Step 3: Write the summary using the structure above. Begin with diagnoses and presenting problem, then summarize treatment provided, progress, current status, risk assessment, and recommendations. Reference outcome measure scores to quantify progress. Be concise — the receiving clinician needs a clear picture, not a complete transcript.

Step 4: Focus recommendations on actionable specifics. Rather than "continue therapy," specify "continue individual therapy using cognitive approaches targeting residual safety and trust beliefs, with PCL-5 monitoring every 4-6 sessions." Specific recommendations give the receiving clinician a running start.

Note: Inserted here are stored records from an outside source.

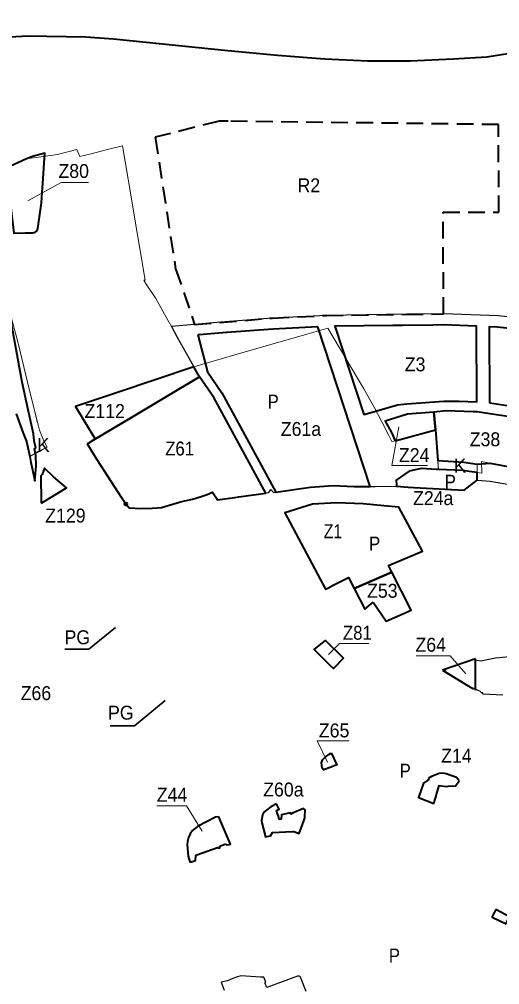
# Model space of a CAD drawing. Extents: x -650276 to -642489, y -1074425 to -1066658.
# Drawn here: x -647871 to -647044, y -1070685 to -1069023 of the extents above; entities that cross this region are included whole.
import ezdxf

# ---------------------------------------------------------------- set-up
doc = ezdxf.new("R2010")
doc.units = 0
doc.header["$LTSCALE"] = 9.6
doc.header["$PDMODE"] = 32
doc.header["$PDSIZE"] = 4.8
doc.linetypes.add('MEDIUM_DASHED', pattern=[4.5, 3, -1.5])
for name, color, linetype, lineweight in [('1', 7, 'Continuous', 13), ('42', 7, 'Continuous', 25), ('43', 7, 'Continuous', 13), ('44', 7, 'Continuous', 40), ('45', 7, 'Continuous', 40), ('46', 7, 'Continuous', 13), ('47', 7, 'Continuous', 13), ('60', 7, 'Continuous', 35), ('61', 7, 'MEDIUM_DASHED', 40), ('62', 7, 'Continuous', 35)]:
    doc.layers.add(name, color=color, linetype=linetype, lineweight=lineweight)

msp = doc.modelspace()

# ---------------------------------------------------------------- linework, layer by layer
at = {"layer": '1'}
for points in [[(-646952.56, -1069807.13), (-647075.22, -1069784.12), (-647074.31, -1069803.9), (-647096.39, -1069801.15), (-647107.04, -1069799.84), (-647148.9, -1069797.88), (-647151.57, -1069764.44), (-647152.73, -1069749.81), (-647154.33, -1069729.69), (-647223.66, -1069748.26), (-647229.389, -1069749.562), (-647234.25, -1069739.09), (-647246.42, -1069715.63), (-647259.62, -1069690.56), (-647277.43, -1069659.15), (-647339.58, -1069554.46), (-647371.83, -1069563.79), (-647375.71, -1069564.91), (-647499.63, -1069600.73), (-647570.37, -1069621.18), (-647573.15, -1069616.16), (-647600.89, -1069566.14), (-647606.53, -1069555.98), (-647615.07, -1069540.58), (-647635.69, -1069503.4), (-647652.23, -1069478.65), (-647656.18, -1069472.12), (-647653.86, -1069472.12), (-647662.58, -1069420.72), (-647671.74, -1069366.76), (-647678.84, -1069324.94), (-647693.15, -1069240.55), (-647723.69, -1069248.33), (-647746.96, -1069254.25), (-647766.21, -1069259.15), (-647771.45, -1069247.12), (-647805.14, -1069255.7)], [(-647805.14, -1069255.7), (-647858.37, -1069263.03), (-647942.68, -1069301.34)], [(-647873.43, -1069577.87), (-647852.44, -1069664.03), (-647846.91, -1069686.81), (-647845.85, -1069691.2), (-647841.26, -1069710.69), (-647837.67, -1069723.31), (-647835.76, -1069730.01), (-647830, -1069744.7), (-647828.61, -1069748.41), (-647822.54, -1069759.29), (-647829.37, -1069763.1), (-647834.61, -1069766.02), (-647840.49, -1069769.3), (-647842.55, -1069769.78), (-647852.63, -1069775.7), (-647858.44, -1069749.43), (-647875.82, -1069701.85)]]:
    msp.add_lwpolyline(points, dxfattribs=at)
at = {"layer": '42'}
for points in [[(-646986.633, -1069539.757), (-647046.325, -1069533.275), (-647140.008, -1069530.068), (-647204.293, -1069530.647), (-647341.697, -1069532.602), (-647434.969, -1069537.141), (-647523.931, -1069544.499), (-647568.792, -1069548.21), (-647608.81, -1069551.868), (-647598.735, -1069570.026), (-647573.15, -1069616.16), (-647570.37, -1069621.18), (-647570.37, -1069621.18), (-647701.61, -1069665.279), (-647774.11, -1069689.64), (-647740.74, -1069744.24), (-647742.36, -1069746.93), (-647752.32, -1069752.95), (-647753.7, -1069753.9), (-647745.84, -1069766.71), (-647687.45, -1069857.15), (-647681.51, -1069863.72), (-647661.79, -1069864.92), (-647641.78, -1069864.26), (-647625.83, -1069863.19), (-647593.07, -1069853.74), (-647572.63, -1069848.63), (-647559.47, -1069844.92), (-647547.12, -1069840.87), (-647538.34, -1069836.68), (-647531.33, -1069847.23), (-647529.5, -1069849.99), (-647492.76, -1069845.02), (-647441.19, -1069837.6), (-647437.46, -1069832.27), (-647433.32, -1069837.33), (-647369.3, -1069828.22), (-647330.46, -1069825.51), (-647294.38, -1069826.88)], [(-647235.49, -1069826.51), (-647205.603, -1069827.72), (-647191.66, -1069828.58), (-647201.106, -1069827.997), (-647191.66, -1069828.58), (-647104.741, -1069833.568), (-647082.145, -1069816.321), (-647074.72, -1069816.8), (-647060.029, -1069817.854), (-646993.81, -1069829.12)], [(-647294.38, -1069826.88), (-647270.09, -1069827.02), (-647258.143, -1069827.094), (-647235.49, -1069826.51)], [(-647005.97, -1070117.89), (-647044.19, -1070121.78), (-647051.14, -1070122.49), (-647070.7, -1070126.64), (-647075.81, -1070127.72), (-647090.2, -1070125.64), (-647133.96, -1070140.44), (-647136.65, -1070141.75), (-647137.99, -1070143.09), (-647137.96, -1070144.66), (-647136.09, -1070146.97), (-647132.95, -1070149.08), (-647097.63, -1070170.37), (-647077.39, -1070179.57), (-647076.83, -1070180.73), (-647075.42, -1070181.53), (-647073.42, -1070181.47), (-647073.35, -1070184.01), (-647061.2, -1070184.6), (-647038.31, -1070185.73)], [(-647377.04, -1070696.22), (-647386.39, -1070671.74), (-647388.31, -1070669.95), (-647391.74, -1070670.16), (-647418.28, -1070679.89), (-647444.78, -1070689.6), (-647447.31, -1070682.72), (-647447.76, -1070681.5), (-647446.22, -1070680.91), (-647447.58, -1070677.36), (-647449.69, -1070671.81), (-647455.17, -1070671.48), (-647489.21, -1070669.41), (-647496.64, -1070671.93), (-647503.3, -1070674.3), (-647512.51, -1070677.98), (-647523.27, -1070680.11), (-647518.19, -1070693.93)]]:
    msp.add_lwpolyline(points, dxfattribs=at)
at = {"layer": '44'}
for points in [[(-647065.688, -1069087.73), (-646978.92, -1069073.93), (-646929.186, -1069052.925), (-646880.163, -1069024.903), (-646829.104, -1068987.917), (-646782.784, -1068941.581), (-646741.85, -1068895.719), (-646673.05, -1068812.491), (-646618.655, -1068742.359), (-646617.991, -1068741.504)], [(-647886.615, -1069053.052), (-647856.541, -1069051.548), (-647756.441, -1069053.207), (-647708.401, -1069056.275), (-647511.94, -1069076.703), (-647426.417, -1069084.624), (-647344.902, -1069091.02), (-647270.522, -1069094.255), (-647197.498, -1069094.255), (-647123.648, -1069091.043), (-647065.688, -1069087.73)], [(-647865.69, -1069647.32), (-647887.649, -1069528.021), (-647887.087, -1069527.229)], [(-647842.438, -1069760.647), (-647845.086, -1069748.753), (-647846.484, -1069736.663), (-647855.158, -1069695.232), (-647865.69, -1069647.32)], [(-647875.82, -1069701.85), (-647864.19, -1069735.12), (-647858.44, -1069749.43), (-647852.63, -1069775.7), (-647850.66, -1069785.74), (-647849.165, -1069793.367), (-647843.74, -1069817.63), (-647841.402, -1069792.351)], [(-647841.402, -1069792.351), (-647842.489, -1069773.282), (-647842.622, -1069770.956), (-647843.337, -1069769.013), (-647843.443, -1069768.293), (-647843.458, -1069768.256), (-647843.449, -1069768.252), (-647844.371, -1069761.991), (-647842.438, -1069760.647)]]:
    msp.add_lwpolyline(points, dxfattribs=at)
for points in [[(-647860.52, -1069390.72), (-647848.24, -1069390.65), (-647845.25, -1069390.07), (-647843.41, -1069389.23), (-647841.81, -1069387.99), (-647840.42, -1069386.51), (-647839.4, -1069384.73), (-647838.79, -1069382.86), (-647836.2, -1069362.68), (-647832.29, -1069338.58), (-647832.29, -1069338.58), (-647831.19, -1069320.69), (-647830.23, -1069305.38), (-647826.928, -1069253.199), (-647848.17, -1069259.21), (-647858.37, -1069263.03), (-647893.553, -1069279.017), (-647880.326, -1069390.832)], [(-647312.485, -1070122.583), (-647329.932, -1070140.465), (-647334.81, -1070135.73), (-647357.4, -1070113.69), (-647359.8, -1070111.34), (-647362.87, -1070107.74), (-647343.454, -1070092.368)]]:
    msp.add_lwpolyline(points, close=True, dxfattribs=at)
at = {"layer": '44', "lineweight": 13}
for points in [[(-647751.811, -1069303.761), (-647798.61, -1069303.761), (-647856.005, -1069335.572)], [(-647751.811, -1069303.761), (-647798.61, -1069303.761), (-647856.005, -1069335.572)], [(-647268.839, -1070097.432), (-647319.538, -1070097.432), (-647338.315, -1070116.223)], [(-647268.839, -1070097.432), (-647319.538, -1070097.432), (-647338.315, -1070116.223)]]:
    msp.add_lwpolyline(points, dxfattribs=at)
at = {"layer": '45'}
for p, q in [((-647085.131, -1070123.926), (-647142.227, -1070143.236)), ((-647085.131, -1070123.926), (-647142.227, -1070143.236)), ((-647085.131, -1070177.975), (-647085.131, -1070123.926)), ((-647085.131, -1070177.975), (-647085.131, -1070123.926))]:
    msp.add_line(p, q, dxfattribs=at)
for points in [[(-647356.899, -1069552.034), (-647433.779, -1069556.106), (-647433.779, -1069556.106), (-647513.66, -1069562.249), (-647514.067, -1069562.282), (-647560.836, -1069566.036), (-647563.104, -1069566.28)], [(-647369.3, -1069828.22), (-647330.46, -1069825.51), (-647294.38, -1069826.88), (-647270.09, -1069827.02), (-647266.581, -1069827.042), (-647356.899, -1069552.034)], [(-647563.104, -1069566.28), (-647546.777, -1069629.901), (-647521.943, -1069665.763)], [(-647570.37, -1069621.18), (-647701.61, -1069665.279), (-647774.11, -1069689.64), (-647740.74, -1069744.24), (-647742.36, -1069746.93), (-647674.901, -1069706.701)], [(-647570.37, -1069621.18), (-647701.61, -1069665.279), (-647774.11, -1069689.64), (-647740.74, -1069744.24), (-647742.36, -1069746.93), (-647674.901, -1069706.701)], [(-647674.901, -1069706.701), (-647560.36, -1069638.39), (-647570.37, -1069621.18)], [(-647674.901, -1069706.701), (-647560.36, -1069638.39), (-647570.37, -1069621.18)], [(-647560.36, -1069638.39), (-647674.901, -1069706.701), (-647742.36, -1069746.93)], [(-647446.322, -1069838.338), (-647535.588, -1069674.163), (-647560.36, -1069638.39)], [(-647521.943, -1069665.763), (-647428.993, -1069836.714), (-647369.3, -1069828.22)], [(-647742.36, -1069746.93), (-647752.32, -1069752.95), (-647753.7, -1069753.9)], [(-647753.7, -1069753.9), (-647751.66, -1069757.12), (-647745.84, -1069766.71), (-647737.17, -1069780.85), (-647700.58, -1069837.2), (-647687.45, -1069857.15), (-647681.51, -1069863.72)], [(-647641.78, -1069864.26), (-647625.83, -1069863.19), (-647593.07, -1069853.74), (-647583.62, -1069851.13), (-647572.63, -1069848.63), (-647559.47, -1069844.92), (-647547.12, -1069840.87), (-647538.34, -1069836.68), (-647536.82, -1069838.87), (-647531.33, -1069847.23), (-647529.5, -1069849.99), (-647500.03, -1069846.28), (-647492.76, -1069845.02), (-647446.322, -1069838.338)], [(-647681.51, -1069863.72), (-647661.79, -1069864.92), (-647641.78, -1069864.26)], [(-647142.227, -1070143.236), (-647097.63, -1070170.37), (-647088.916, -1070175.672)], [(-647142.227, -1070143.236), (-647097.63, -1070170.37), (-647088.916, -1070175.672)], [(-647167.03, -1070329.81), (-647165.36, -1070331.59), (-647174.81, -1070338.01), (-647183.55, -1070362.35), (-647156.9, -1070372.69)], [(-647113.37, -1070333.96), (-647118.28, -1070328.29), (-647135.94, -1070321.54), (-647140.83, -1070320.47), (-647147.66, -1070321.04), (-647161.17, -1070326.29), (-647167.03, -1070329.81)], [(-647156.9, -1070372.69), (-647154.31, -1070363.46), (-647151.09, -1070353.15), (-647147.6, -1070341.95), (-647144.57, -1070342.42), (-647139.84, -1070343.16), (-647135.62, -1070343.32), (-647132.49, -1070342.91)], [(-647132.49, -1070342.91), (-647119.88, -1070342.1), (-647116.03, -1070337.68), (-647113.37, -1070333.96)]]:
    msp.add_lwpolyline(points, dxfattribs=at)
for points in [[(-647251.002, -1069695.852), (-647219.628, -1069686.746), (-647203.374, -1069684.716), (-647139.649, -1069679.961), (-647113.255, -1069679.966), (-647082.761, -1069681.399), (-647083.356, -1069551.018), (-647140.247, -1069549.071), (-647158.572, -1069549.252), (-647211.05, -1069549.77), (-647227.623, -1069550.23), (-647327.682, -1069551.263), (-647277.71, -1069703.421)], [(-647251.002, -1069695.852), (-647219.628, -1069686.746), (-647203.374, -1069684.716), (-647139.649, -1069679.961), (-647113.255, -1069679.966), (-647082.761, -1069681.399), (-647083.356, -1069551.018), (-647140.247, -1069549.071), (-647158.572, -1069549.252), (-647211.05, -1069549.77), (-647227.623, -1069550.23), (-647327.682, -1069551.263), (-647277.71, -1069703.421)], [(-647060.7, -1069683.894), (-647061.304, -1069551.773), (-647047.648, -1069552.245), (-646944.168, -1069563.743), (-646846, -1069575), (-646863, -1069714)], [(-647060.7, -1069683.894), (-647061.304, -1069551.773), (-647047.648, -1069552.245), (-646944.168, -1069563.743), (-646846, -1069575), (-646863, -1069714)], [(-647223.66, -1069748.26), (-647154.33, -1069729.69), (-647156.782, -1069698.901), (-647202.181, -1069702.678), (-647240.994, -1069714.513), (-647230.16, -1069734.42)], [(-647223.66, -1069748.26), (-647154.33, -1069729.69), (-647156.782, -1069698.901), (-647202.181, -1069702.678), (-647240.994, -1069714.513), (-647230.16, -1069734.42)], [(-647060.617, -1069702.116), (-647082.682, -1069698.791), (-647089.456, -1069698.579), (-647135.585, -1069697.137), (-647156.782, -1069698.901), (-647154.33, -1069729.69), (-647150.138, -1069782.334), (-647105.334, -1069785.168), (-647082.271, -1069788.81), (-647060.23, -1069786.932), (-646952.56, -1069807.13), (-646980.4, -1069746.98), (-646998.56, -1069711.443)], [(-647833.172, -1069855.944), (-647833.172, -1069855.944), (-647831.62, -1069854.99), (-647789.55, -1069829.12), (-647811.83, -1069810.39), (-647827.16, -1069795.32), (-647831.32, -1069806.56), (-647833.91, -1069808.91), (-647833.2, -1069854.15)], [(-647196.616, -1069800.068), (-647199.65, -1069800.69), (-647221.87, -1069816.21), (-647221.28, -1069824.74), (-647221.14, -1069826.761), (-647201.106, -1069827.997), (-647191.66, -1069828.58), (-647104.741, -1069833.568), (-647082.145, -1069816.321), (-647082.206, -1069802.916), (-647096.39, -1069801.15), (-647107.04, -1069799.84), (-647148.9, -1069797.88), (-647152.39, -1069797.7), (-647178.73, -1069796.4)], [(-647365.866, -1069857.774), (-647413.461, -1069872.442), (-647343.28, -1070003.81), (-647339.69, -1070001.95), (-647330.5, -1069997.19), (-647304.05, -1069983.79), (-647294.257, -1070002.745), (-647242.254, -1069980.33), (-647229.096, -1069974.658), (-647235, -1069963), (-647176.499, -1069938.333), (-647205.781, -1069883.796), (-647217.177, -1069862.57), (-647243.231, -1069860.34), (-647278.525, -1069857.002), (-647323.794, -1069855.468)], [(-647365.866, -1069857.774), (-647413.461, -1069872.442), (-647343.28, -1070003.81), (-647339.69, -1070001.95), (-647330.5, -1069997.19), (-647304.05, -1069983.79), (-647294.257, -1070002.745), (-647242.254, -1069980.33), (-647229.096, -1069974.658), (-647235, -1069963), (-647176.499, -1069938.333), (-647205.781, -1069883.796), (-647217.177, -1069862.57), (-647243.231, -1069860.34), (-647278.525, -1069857.002), (-647323.794, -1069855.468)], [(-647261.27, -1070026.12), (-647238.99, -1070059.05), (-647195.933, -1070040.107), (-647229.096, -1069974.658), (-647294.257, -1070002.745), (-647276, -1070038.08)], [(-647261.27, -1070026.12), (-647238.99, -1070059.05), (-647195.933, -1070040.107), (-647229.096, -1069974.658), (-647294.257, -1070002.745), (-647276, -1070038.08)], [(-647333.87, -1070285.66), (-647324.11, -1070306.21), (-647324.94, -1070306.63), (-647327.18, -1070307.52), (-647333.97, -1070310.22), (-647346.97, -1070315.05), (-647349, -1070312), (-647350.67, -1070302.55), (-647348.677, -1070297.894), (-647345.27, -1070293.99), (-647343.9, -1070292.96), (-647337.56, -1070288.43), (-647334.91, -1070286.51)], [(-647333.87, -1070285.66), (-647324.11, -1070306.21), (-647324.94, -1070306.63), (-647327.18, -1070307.52), (-647333.97, -1070310.22), (-647346.97, -1070315.05), (-647349, -1070312), (-647350.67, -1070302.55), (-647348.677, -1070297.894), (-647345.27, -1070293.99), (-647343.9, -1070292.96), (-647337.56, -1070288.43), (-647334.91, -1070286.51)], [(-647427.8, -1070373.32), (-647437.76, -1070378.66), (-647449.69, -1070387.83), (-647452.17, -1070392.38), (-647453.71, -1070401.81), (-647453.35, -1070406.09), (-647450.51, -1070416.96), (-647446.93, -1070429.99), (-647438.45, -1070428.47), (-647434.85, -1070422.64), (-647423.38, -1070421.87), (-647412.51, -1070421.5), (-647400.41, -1070421.08), (-647398.21, -1070421.15), (-647388.6, -1070424.24), (-647381.11, -1070402.45), (-647379.3, -1070397.57), (-647378.49, -1070383.91), (-647381.65, -1070381.45), (-647400.22, -1070389.64), (-647403.27, -1070390.91), (-647404, -1070388.84), (-647409.36, -1070390.24), (-647419.08, -1070392.52), (-647419.68, -1070399.59), (-647423.58, -1070400.59), (-647424.54, -1070394.78), (-647425.99, -1070390.47), (-647427.96, -1070384.64), (-647423.57, -1070382.64)], [(-647427.8, -1070373.32), (-647437.76, -1070378.66), (-647449.69, -1070387.83), (-647452.17, -1070392.38), (-647453.71, -1070401.81), (-647453.35, -1070406.09), (-647450.51, -1070416.96), (-647446.93, -1070429.99), (-647438.45, -1070428.47), (-647434.85, -1070422.64), (-647423.38, -1070421.87), (-647412.51, -1070421.5), (-647400.41, -1070421.08), (-647398.21, -1070421.15), (-647388.6, -1070424.24), (-647381.11, -1070402.45), (-647379.3, -1070397.57), (-647378.49, -1070383.91), (-647381.65, -1070381.45), (-647400.22, -1070389.64), (-647403.27, -1070390.91), (-647404, -1070388.84), (-647409.36, -1070390.24), (-647419.08, -1070392.52), (-647419.68, -1070399.59), (-647423.58, -1070400.59), (-647424.54, -1070394.78), (-647425.99, -1070390.47), (-647427.96, -1070384.64), (-647423.57, -1070382.64)], [(-647515.73, -1070442.32), (-647514.23, -1070444.18), (-647509.22, -1070443.62), (-647506.95, -1070442.71), (-647522.54, -1070406.51), (-647527.1, -1070395.72), (-647533.1, -1070396.26), (-647564.01, -1070412.59), (-647572.37, -1070419.41), (-647576.48, -1070425.09), (-647579.22, -1070431.05), (-647581.04, -1070438.4), (-647581.54, -1070443.7), (-647580.1, -1070463.69), (-647576.92, -1070473), (-647574.28, -1070473.46), (-647567.32, -1070470.66), (-647566.55, -1070462.22), (-647565.11, -1070461.12), (-647529.74, -1070448.27), (-647528.28, -1070449.87), (-647525.54, -1070448.89), (-647525.45, -1070446.21)], [(-647515.73, -1070442.32), (-647514.23, -1070444.18), (-647509.22, -1070443.62), (-647506.95, -1070442.71), (-647522.54, -1070406.51), (-647527.1, -1070395.72), (-647533.1, -1070396.26), (-647564.01, -1070412.59), (-647572.37, -1070419.41), (-647576.48, -1070425.09), (-647579.22, -1070431.05), (-647581.04, -1070438.4), (-647581.54, -1070443.7), (-647580.1, -1070463.69), (-647576.92, -1070473), (-647574.28, -1070473.46), (-647567.32, -1070470.66), (-647566.55, -1070462.22), (-647565.11, -1070461.12), (-647529.74, -1070448.27), (-647528.28, -1070449.87), (-647525.54, -1070448.89), (-647525.45, -1070446.21)], [(-647032.738, -1070579.83), (-647029.168, -1070572.13), (-647028.248, -1070572.63), (-647025.868, -1070568.26), (-647049.248, -1070555.64), (-647050.098, -1070555.74), (-647050.868, -1070556.59), (-647052.498, -1070559.7), (-647056.518, -1070567.41), (-647056.528, -1070568.32), (-647055.518, -1070569.07)]]:
    msp.add_lwpolyline(points, close=True, dxfattribs=at)
msp.add_point((-647687.45, -1069857.15), dxfattribs=at)
at = {"layer": '46'}
for points in [[(-647167.693, -1069791.112), (-647229.126, -1069791.112), (-647217.012, -1069724.439)], [(-647167.693, -1069791.112), (-647229.126, -1069791.112), (-647217.012, -1069724.439)], [(-647187.627, -1070118.571), (-647128.949, -1070118.571), (-647102.191, -1070149.577)], [(-647187.627, -1070118.571), (-647128.949, -1070118.571), (-647102.191, -1070149.577)], [(-647302.639, -1070264.673), (-647358.031, -1070264.673), (-647340.193, -1070301.786)], [(-647302.639, -1070264.673), (-647358.031, -1070264.673), (-647340.193, -1070301.786)], [(-647634.056, -1070376.951), (-647582.888, -1070376.951), (-647556.111, -1070420.553)], [(-647634.056, -1070376.951), (-647582.888, -1070376.951), (-647556.111, -1070420.553)]]:
    msp.add_lwpolyline(points, dxfattribs=at)
at = {"layer": '47'}
for p, q in [((-647150.141, -1069782.334), (-647148.9, -1069797.88)), ((-647107.04, -1069799.84), (-647096.39, -1069801.15))]:
    msp.add_line(p, q, dxfattribs=at)
msp.add_lwpolyline([(-647845.086, -1069748.753), (-647842.438, -1069760.647), (-647844.371, -1069761.991), (-647843.337, -1069769.013), (-647822.54, -1069759.29), (-647830, -1069744.7), (-647835.76, -1069730.01), (-647845.85, -1069691.2), (-647852.44, -1069664.03), (-647873.43, -1069577.87), (-647887.087, -1069527.229), (-647865.69, -1069647.32), (-647855.158, -1069695.232), (-647846.484, -1069736.663)], close=True, dxfattribs=at)
for points in [[(-647082.271, -1069788.81), (-647105.334, -1069785.168), (-647105.334, -1069785.168), (-647150.138, -1069782.334)], [(-647148.9, -1069797.88), (-647148.9, -1069797.88), (-647107.04, -1069799.84)], [(-647096.39, -1069801.15), (-647096.39, -1069801.15), (-647082.206, -1069802.917), (-647082.271, -1069788.81)]]:
    msp.add_lwpolyline(points, dxfattribs=at)
at = {"layer": '60'}
for points in [[(-647792.254, -1070107.298), (-647750.945, -1070107.298), (-647704.94, -1070069.715)], [(-647792.254, -1070107.298), (-647750.945, -1070107.298), (-647704.94, -1070069.715)], [(-647714.329, -1070238.836), (-647672.08, -1070238.836), (-647619.504, -1070195.616)], [(-647714.329, -1070238.836), (-647672.08, -1070238.836), (-647619.504, -1070195.616)]]:
    msp.add_lwpolyline(points, dxfattribs=at)
at = {"layer": '61'}
msp.add_lwpolyline([(-647045.7, -1069204.106), (-647511.107, -1069198.223), (-647526.615, -1069198.093), (-647636.743, -1069226.014), (-647601.568, -1069452.14), (-647568.792, -1069548.21), (-647434.969, -1069537.141), (-647341.697, -1069532.602), (-647204.293, -1069530.647), (-647140.334, -1069530.057), (-647141.134, -1069354.872), (-647045.123, -1069355.003)], close=True, dxfattribs=at)

# ---------------------------------------------------------------- texts
at = {"layer": '43'}
for p in [(-647839.874, -1069767.492), (-647122.713, -1069803.226)]:
    msp.add_text('K', height=24, dxfattribs=at).set_placement(p)
at = {"layer": '44'}
for s, width, p in [('Z80', 0.95, (-647803.311, -1069296.044)), ('Z80', 0.95, (-647803.311, -1069296.044)), ('Z81', 0.9, (-647313.531, -1070090.851)), ('Z81', 0.9, (-647313.531, -1070090.851))]:
    msp.add_text(s, height=24, dxfattribs=dict(at, width=width)).set_placement(p)
at = {"layer": '46'}
for s, width, p in [('Z3', 0.95, (-647207.094, -1069628.872)), ('Z3', 0.95, (-647207.094, -1069628.872)), ('Z112', 0.95, (-647758.383, -1069709.22)), ('Z112', 0.95, (-647758.383, -1069709.22)), ('Z61a', 0.95, (-647420.53, -1069740.066)), ('Z38', 0.95, (-647095.223, -1069757.854)), ('Z38', 0.95, (-647095.223, -1069757.854)), ('Z61', 0.9, (-647619.576, -1069773.738)), ('Z24', 0.95, (-647217.069, -1069785.057)), ('Z24', 0.95, (-647217.069, -1069785.057)), ('Z24a', 0.95, (-647192.847, -1069859.131)), ('Z129', 0.95, (-647826.051, -1069889.189)), ('Z1', 0.85, (-647346.649, -1069916.072)), ('Z1', 0.85, (-647346.649, -1069916.072)), ('Z53', 0.95, (-647272.017, -1070018.639)), ('Z53', 0.95, (-647272.017, -1070018.639)), ('Z64', 0.95, (-647188.663, -1070111.521)), ('Z64', 0.95, (-647188.663, -1070111.521)), ('Z66', 0.95, (-647868.376, -1070194.801)), ('Z65', 0.95, (-647355.018, -1070259.014)), ('Z65', 0.95, (-647355.018, -1070259.014)), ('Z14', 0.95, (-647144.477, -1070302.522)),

Step 5: Address risk explicitly. Even if the client's risk level is low, document the assessment. The receiving clinician must know from the outset whether there is a history of suicidal ideation, self-harm, or other safety concerns. Err on the side of providing too much risk information rather than too little.

Step 6: Review the summary with the client. Before sending, review the summary with the client. This supports transparency, allows the client to correct any factual errors, and can be a meaningful part of the termination process. Some clients find it validating to see their progress documented.

Step 7: Send the summary and document the transfer. Send the summary to the receiving clinician using a secure method (encrypted email, secure fax, or direct mail). Document in the client's chart that the summary was sent, the date, the method of transmission, and the recipient.

Common Mistakes

  1. Sending raw session notes instead of a summary. A receiving clinician does not need — or want — 30 pages of progress notes. They need a synthesized, clinically focused document that communicates the essential picture in two to four pages. Session notes are part of the record; they are not a treatment summary.

  2. Omitting outcome measure data. Writing "client improved" without quantitative data is vague and unhelpful. Include baseline and endpoint scores on standardized measures so the receiving clinician has objective benchmarks and can track ongoing progress against a documented trajectory.

  3. Providing vague recommendations. "Continue treatment" is not a recommendation — it is a platitude. Recommendations should specify modality, focus areas, potential challenges, monitoring tools, and any contraindications. The more specific the recommendations, the smoother the transition.

  4. Forgetting to address medications and prescriber coordination. If the client is on psychotropic medication, the treatment summary must include the current medication list, dosages, prescribing provider contact information, and any relevant medication history. A client who transfers to a new therapist without prescriber coordination risks gaps in medication management.

  5. Not documenting the transfer in your own records. After sending the treatment summary, document the transfer in the client's chart — the date of the last session, the reason for transfer, the name of the receiving provider, and confirmation that the summary and ROI were sent. This closes the clinical record appropriately and protects you in case of future questions about the transfer.